Elections interference:
“Four and a Half Reasons Not To Worry That Cambridge Analytica Skewed the 2016 Election,” Kris-Stella Trump, The Washington Post, 03.23.18: The author, director of the Anxieties of Democracy program at the Social Science Research Council, writes: “Cambridge Analytica made headlines after whistleblower Christopher Wylie revealed that the company had used data from millions of Facebook profiles to psychologically profile U.S. citizens and target them with political messages, including during the 2016 presidential elections. Newly named national security adviser John Bolton’s PAC was among its users… The way that the data was collected from Facebook arguably did not allow for informed consent. … Cambridge Analytica itself may have broken U.S. election laws… [However,] [w]hen Cambridge Analytica took credit for Donald Trump’s 2016 election victory, social scientists mostly responded with eye-rolling and references to ‘snake oil.’ … Here are four reasons Cambridge Analytica’s claim of psychological manipulation doesn’t pass the social scientist’s smell test. 1. Personality is not a good predictor of political views. … 2. Predicting personality is hard. … 3. Changing individuals’ choices based on their personality profiles is harder than it sounds. … 4. They had stiff competition from other campaigns. … [Additionally,] Cambridge Analytica does not seem capable of pulling off the large-scale and complex personality-based profiling operation that it claims to have mastered.”

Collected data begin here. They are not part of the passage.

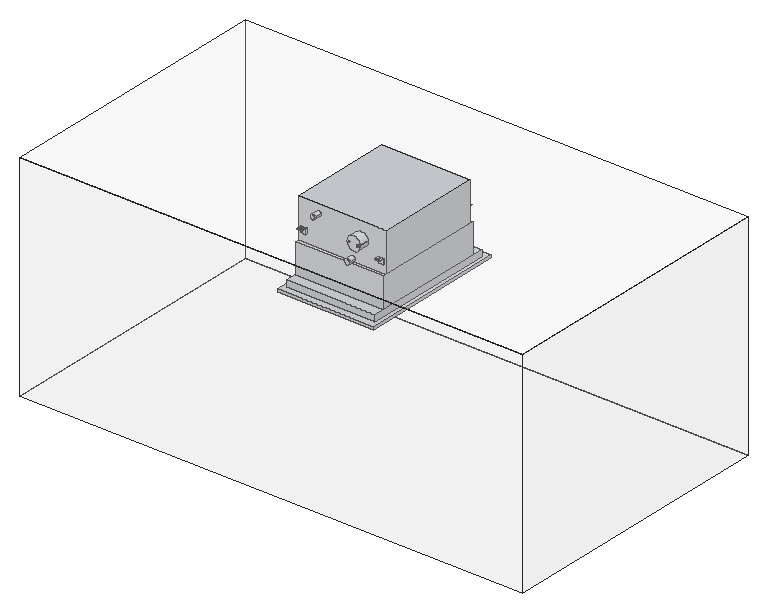
Revit family "plfy-p22_140lmg7_50Hz_pac-kw85_86_87tb", category 機械設備, Revit 2019
Family settings
  丸型コネクタ寸法 = 直径を使用
  パーツ タイプ = 標準
  OmniClass 番号 = 23.75.10.24.21.27.27
  OmniClass タイトル = Split System Air Conditioning Units
  作業面ベース = いいえ
  常に垂直 = はい
  ロード時にボイドで切り取り = いいえ
  共有 = いいえ
  部屋計算ポイント = はい
Parameters (values of type "PLFY-P22LMG7")
  風量（弱）（m3／min） = 6.5
  風量（中2）（m3／min） = 7.5
  風量（中1）（m3／min） = 8.5
  風量（m3／min） = 9.5
  風量 = MAX風量  # 570.0 m³/h
  音響パワーレベル（弱）(dB) = 49
  音響パワーレベル（中2）(dB) = 51
  音響パワーレベル（中1）(dB) = 52
  音響パワーレベル(dB) = 53
  電源種別 = ""
  電源_H = 0 mm
  電圧_電気ヒーター = 0 V
  電圧 = 200 V
  電動機出力_送風機 = 0.05 kW
  運転質量 = 0.00 kg
  連動 = ""
  質量 = if(製品質量 > 運転質量, 製品質量, 運転質量) * 1.2  # 24.00 kg
  負荷分類 = 3_ファン類
  説明 = "ビル用マルチエアコン 天井カセット形(2方向吹出)室内機"
  設計暖房能力 = 0.00 kW
  設計冷房能力_顕熱 = 0 kW
  設計冷房能力 = 0 kW
  設置方法 = "カセット形"
  記号 = ""
  製造元 = "三菱電機株式会社"
  製品質量 = 20.00 kg
  製品出荷対象 = "国内"
  製品リリース年月 = "2020/7/22"
  製品グループ = ""
  系統 = ""
  符号 = "ACP_CK2"
  積算_科目 = "1 空気調和設備"
  積算_拾い区分 [instance] = ""
  相_電気ヒーター = 1
  相 = 1
  盤記号 = ""
  発停方法 = "付属スイッチ"
  特殊仕様 = ""
  火災停止 = ""
  消費電力_電気ヒーター = 0.00 kW
  消費電力_暖房 = 0.03 kW
  消費電力_加湿器 = 0.00 kW
  消費電力_冷房 = 0.03 kW
  消費電力 = if(消費電力_冷房 > 消費電力_暖房, 消費電力_冷房, 消費電力_暖房) + 消費電力_加湿器 + 消費電力_電気ヒーター  # 0.03 kW
  法定耐用年数 = "15"
  機外静圧 = 0.0 Pa
  極数 = 3
  材質 = ""
  本体マテリアル = none
  有効加湿量 = 0
  暖房能力 = 2.50 kW
  推奨ブレーカー容量 = 15 A
  形式_加湿器 = ""
  形式 = "カセット形（2方向吹出形）"
  幹線記号 = ""
  始動方式 = ""
  呼称 = "室内機_カセット形(2方向吹出形)"
  周波数 = 50 Hz
  吊り位置Y = 824 mm
  吊り位置X = 574 mm
  吊りボルト_H = 365 mm
  台数_手元リモコン = ""
  台数_冷媒分岐ユニット = ""
  参照している仕様書等のバージョン = "公共建築工事標準仕様書（機械設備工事編）平成31年度版"
  加湿給水管径 = 0 mm
  分類コード = "50053003221020"
  分類グループ = ""
  冷房能力 = 2.2 kW
  冷媒高低圧ガス管径 = 0 mm
  冷媒管径符号 = "Ac"
  冷媒管径 = 100 mm
  冷媒液管高さ = 433 mm
  冷媒液管長さ = 67 mm
  冷媒液管径 = 6.35 mm
  冷媒ガス管高さ = 433 mm
  冷媒ガス管長さ = 78 mm
  冷媒ガス管径 = 12.7 mm
  企業コード = ""
  付属品_フィルター = ""
  付属品 = ""
  仕様書バージョン = "Version1.0"
  モデル = "PLFY-P22LMG7"
  パネルマテリアル = none
  ドレン管高さ = 495 mm
  ドレン管径 = 32 mm
  サービススペース = yes
  コメント [instance] = ""
  ケーブル種類 = ""
  ケーブルサイズ = 1.6 mm
  Width = 650 mm
  Version = ""
  Uniclass2015Version = "Systems v1.9"
  Uniclass2015Title = "Split coil remote air cooled condensing units"
  Uniclass2015Code = "Pr_70_65_03_84"
  URL = "https://www.mitsubishielectric.co.jp/ldg/wink/ssl/displayProduct.do?pid=307542"
  SpecificationReference = ""
  SpecificationDescription = ""
  S_H = 562 mm
  Revision = ""
  ProductInformation = ""
  OmniClassCode = "23-751024212727"
  MIN風量 = 風量（弱）（m3／min） * 60.0 m³/h  # 390.0 m³/h
  MID風量2 = 風量（中2）（m3／min） * 60.0 m³/h  # 450.0 m³/h
  MID風量 = 風量（中1）（m3／min） * 60.0 m³/h  # 510.0 m³/h
  MAX風量 = 風量（m3／min） * 60.0 m³/h  # 570.0 m³/h
  IfcTypeProduct = ""
  IfcProduct = ""
  IfcExportType = "AIRCONDITIONINGUNIT"
  IfcExportAs = "IfcUnitaryEquipmentType"
  Height = 290 mm
  Depth = 770 mm
  Clearance Top = 555 mm
  Clearance Right = 1500 mm
  Clearance Left = 1500 mm
  Clearance Front = 500 mm
  Clearance Bottom = 1000 mm
  Clearance Back = 500 mm
  Author = "三菱電機株式会社"
Types (11, lengths in mm): name | 風量（弱）（m3／min） | 風量（中2）（m3／min） | 風量（中1）（m3／min） | 風量（m3／min） | 風量 | 音響パワーレベル（弱）(dB) | 音響パワーレベル（中2）(dB) | 音響パワーレベル（中1）(dB) | 音響パワーレベル(dB) | 電動機出力_送風機 | 質量 | 製品質量 | 消費電力_暖房 | 消費電力_冷房 | 消費電力 | 暖房能力 | 吊り位置Y | 冷房能力 | 冷媒管径符号 | 冷媒液管長さ | 冷媒液管径 | 冷媒ガス管長さ | 冷媒ガス管径 | モデル | URL | S_H | MIN風量 | MID風量2 | MID風量 | MAX風量 | Height | Depth | Clearance Top
  (no name) | 6.5 | 7.5 | 8.5 | 9.5 | 570.0 m³/h | 49 | 51 | 52 | 53 | 0.05 kW | 24.00 kg | 20.00 kg | 0.03 kW | 0.03 kW | 0.03 kW | 2.50 kW | 824 | 2.2 kW | "Ac" | 67 | 6.35 | 78 | 12.7 | "PLFY-P22LMG7" | "https://www.mitsubishielectric.co.jp/ldg/wink/ssl/displayProduct.do?pid=307542" | 562 | 390.0 m³/h | 450.0 m³/h | 510.0 m³/h | 570.0 m³/h | 290 | 770 | 555
  PLFY-P22LMG7 | 6.5 | 7.5 | 8.5 | 9.5 | 570.0 m³/h | 49 | 51 | 52 | 53 | 0.05 kW | 24.00 kg | 20.00 kg | 0.03 kW | 0.03 kW | 0.03 kW | 2.50 kW | 824 | 2.2 kW | "Ac" | 67 | 6.35 | 78 | 12.7 | "PLFY-P22LMG7" | "https://www.mitsubishielectric.co.jp/ldg/wink/ssl/displayProduct.do?pid=307542" | 562 | 390.0 m³/h | 450.0 m³/h | 510.0 m³/h | 570.0 m³/h | 290 | 770 | 555
  PLFY-P28LMG7 | 6.5 | 7.5 | 8.5 | 9.5 | 570.0 m³/h | 49 | 51 | 52 | 53 | 0.05 kW | 24.00 kg | 20.00 kg | 0.03 kW | 0.03 kW | 0.03 kW | 3.20 kW | 824 | 2.8 kW | "Ac" | 67 | 6.35 | 78 | 12.7 | "PLFY-P28LMG7" | "https://www.mitsubishielectric.co.jp/ldg/wink/ssl/displayProduct.do?pid=307511" | 562 | 390.0 m³/h | 450.0 m³/h | 510.0 m³/h | 570.0 m³/h | 290 | 770 | 555
  PLFY-P36LMG7 | 6.5 | 8 | 9 | 10 | 600.0 m³/h | 50 | 51 | 52 | 53 | 0.05 kW | 25.20 kg | 21.00 kg | 0.03 kW | 0.03 kW | 0.03 kW | 4.00 kW | 824 | 3.6 kW | "Ac" | 67 | 6.35 | 78 | 12.7 | "PLFY-P36LMG7" | "https://www.mitsubishielectric.co.jp/ldg/wink/ssl/displayProduct.do?pid=307543" | 562 | 390.0 m³/h | 480.0 m³/h | 540.0 m³/h | 600.0 m³/h | 290 | 770 | 555
  PLFY-P45LMG7 | 7 | 8.5 | 9.5 | 10.5 | 630.0 m³/h | 51 | 54 | 55 | 56 | 0.05 kW | 25.20 kg | 21.00 kg | 0.04 kW | 0.04 kW | 0.04 kW | 5.00 kW | 824 | 4.5 kW | "Ac" | 67 | 6.4 | 78 | 12.7 | "PLFY-P45LMG7" | "https://www.mitsubishielectric.co.jp/ldg/wink/ssl/displayProduct.do?pid=307544" | 562 | 420.0 m³/h | 510.0 m³/h | 570.0 m³/h | 630.0 m³/h | 290 | 770 | 555
  PLFY-P56LMG7 | 9 | 11 | 12 | 13 | 780.0 m³/h | 53 | 55 | 56 | 57 | 0.05 kW | 28.80 kg | 24.00 kg | 0.05 kW | 0.05 kW | 0.05 kW | 6.30 kW | 994 | 5.6 kW | "Ac" | 67 | 6.4 | 78 | 12.7 | "PLFY-P56LMG7" | "https://www.mitsubishielectric.co.jp/ldg/wink/ssl/displayProduct.do?pid=307512" | 562 | 540.0 m³/h | 660.0 m³/h | 720.0 m³/h | 780.0 m³/h | 290 | 940 | 555
  PLFY-P71LMG7 | 10.5 | 12.5 | 15 | 16.5 | 990.0 m³/h | 55 | 58 | 59 | 60 | 0.05 kW | 31.20 kg | 26.00 kg | 0.07 kW | 0.07 kW | 0.07 kW | 8.00 kW | 994 | 7.1 kW | "Bd" | 67 | 9.5 | 78 | 15.9 | "PLFY-P71LMG7" | "https://www.mitsubishielectric.co.jp/ldg/wink/ssl/displayProduct.do?pid=307545" | 562 | 630.0 m³/h | 750.0 m³/h | 900.0 m³/h | 990.0 m³/h | 290 | 940 | 555
  PLFY-P80LMG7 | 13.5 | 15 | 16.5 | 19 | 1140.0 m³/h | 56 | 58 | 59 | 60 | 0.10 kW | 49.20 kg | 41.00 kg | 0.06 kW | 0.06 kW | 0.06 kW | 9.00 kW | 1494 | 8 kW | "Bd" | 71 | 9.5 | 83 | 15.9 | "PLFY-P80LMG7" | "https://www.mitsubishielectric.co.jp/ldg/wink/ssl/displayProduct.do?pid=307546" | 603 | 810.0 m³/h | 900.0 m³/h | 990.0 m³/h | 1140.0 m³/h | 331 | 1440 | 596
  PLFY-P90LMG7 | 15.5 | 18 | 20 | 22.5 | 1350.0 m³/h | 57 | 59 | 60 | 61 | 0.10 kW | 49.20 kg | 41.00 kg | 0.08 kW | 0.08 kW | 0.08 kW | 10.00 kW | 1494 | 9 kW | "Bd" | 71 | 9.5 | 83 | 15.9 | "PLFY-P90LMG7" | "https://www.mitsubishielectric.co.jp/ldg/wink/ssl/displayProduct.do?pid=307513" | 603 | 930.0 m³/h | 1080.0 m³/h | 1200.0 m³/h | 1350.0 m³/h | 331 | 1440 | 596
  PLFY-P112LMG7 | 18 | 20 | 23.5 | 26 | 1560.0 m³/h | 59 | 61 | 62 | 63 | 0.10 kW | 54.00 kg | 45.00 kg | 0.10 kW | 0.10 kW | 0.10 kW | 12.50 kW | 1494 | 11.2 kW | "Bd" | 71 | 9.5 | 83 | 15.9 | "PLFY-P112LMG7" | "https://www.mitsubishielectric.co.jp/ldg/wink/ssl/displayProduct.do?pid=307547" | 603 | 1080.0 m³/h | 1200.0 m³/h | 1410.0 m³/h | 1560.0 m³/h | 331 | 1440 | 596
  PLFY-P140LMG7 | 23 | 26.5 | 28.5 | 31.5 | 1890.0 m³/h | 63 | 64 | 67 | 69 | 0.24 kW | 56.40 kg | 47.00 kg | 0.20 kW | 0.20 kW | 0.20 kW | 16.00 kW | 1494 | 14 kW | "Bd" | 71 | 9.5 | 83 | 15.9 | "PLFY-P140LMG7" | "https://www.mitsubishielectric.co.jp/ldg/wink/ssl/displayProduct.do?pid=307548" | 603 | 1380.0 m³/h | 1590.0 m³/h | 1710.0 m³/h | 1890.0 m³/h | 331 | 1440 | 596
Reference planes
  plane 1 "中心(正面/背面)": y = 0
  plane 2: z = 0
  plane 3 "中心(左/右)": x = 0
  plane 4: x = -355
  plane 5: x = 355
  plane 6: y = 540
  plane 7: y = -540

“The Misleading Appeal of the Grand Theory of Russia Collusion,” Philip Bump, The Washington Post, 03.21.18: The author, national correspondent for the news outlet, writes: “When we hear about efforts by Russian actors to interfere in U.S. campaigns, interference that prompted a counterintelligence investigation by the FBI, it's natural that our minds jump to ‘Homeland’-style conspiracies. … We start with SCL Group… Its value proposition was that it could overlay psychological insights onto traditional marketing efforts. … A few years ago, conservative donor Robert Mercer funded the creation of the U.S.-based Cambridge Analytica to bring SCL Group's techniques here. … Cambridge paid a researcher at a British University for data pulled from Facebook… That was combined with surveys conducted among Americans to test political messages. … In 2016 … the Mercers turned their attention to the [presidential] campaign of Donald Trump—after Trump's campaign also hired Cambridge. … the founding of Cambridge overlapped heavily with another prominent figure on the web of Trump-Russia connections: Stephen Bannon. … [R]esearch into Putin, in particular, raised eyebrows. … Cambridge chief executive Alexander Nix bragged about setting up political opponents with bribes and sex scandals and insisted that his firm's tactics were central to Trump's campaign. Another Cambridge employee discussed how the company would spread negative information through outside groups as a tactic in the U.S. campaign. This is a role that Bannon used to fill. … So running a thread from Bannon to Cambridge to Russia is, for conspiracy-pattern-seekers, irresistible. … But it's important to differentiate the real links—campaign adviser George Papadopoulos being told that the Russians had dirt on Hillary Clinton, for example—from the Hollywood-‘Beautiful Mind’ ones. … By assuming that Cambridge and Bannon were dark masters, we miss the reality of how Trump won: appeals to disenchanted Americans worried about changing demographics that leveraged mass media effectively.”
Energy exports from CIS:
- No significant commentary.
U.S.-Russian economic ties:
- No significant commentary.
U.S.-Russian relations in general:
“Escalation With Russia Just Became More Likely,” Leonid Bershidsky, Bloomberg, 03.23.18: The author, a columnist and veteran Russia watcher, writes: “The newfound unity among European Union leaders … and the appointment of fierce Russia hawk John Bolton as President Donald Trump's national security advisor are potential precursors of collective Western action against Russia [over the poisoning of Sergei Skripal and his daughter]. … [Moscow has claimed that] Russia did not produce the toxic agent named by the U.K. government and that since its formula had been published … anyone could make it … . Moscow has worked to confuse rather than convince… The pressure … to take a united stand … create[s] a window of opportunity for Russia hawks in the U.S. administration… Coincidentally, with Bolton's appointment, the hawks' influence in the Trump administration has just been boosted. … He [Bolton] has also called for a stronger response to the Skripal poisoning than diplomat expulsions. … [Bolton] doesn't believe one can make any kind of deal with Putin and other authoritarian rulers… Relatively soft, personalized sanctions … were largely exhausted in previous years. Now, only a list of far stronger options remains open … . These moves … could prompt an asymmetric response from the Kremlin… [M]ost EU leaders are too risk-averse to be pushed into an escalation with Russia. … Trump, for his part, has proved remarkably resistant to all attempts to force his hand on Russia. That's a lot of inertia for Russia hawks to overcome on both sides of the Atlantic.”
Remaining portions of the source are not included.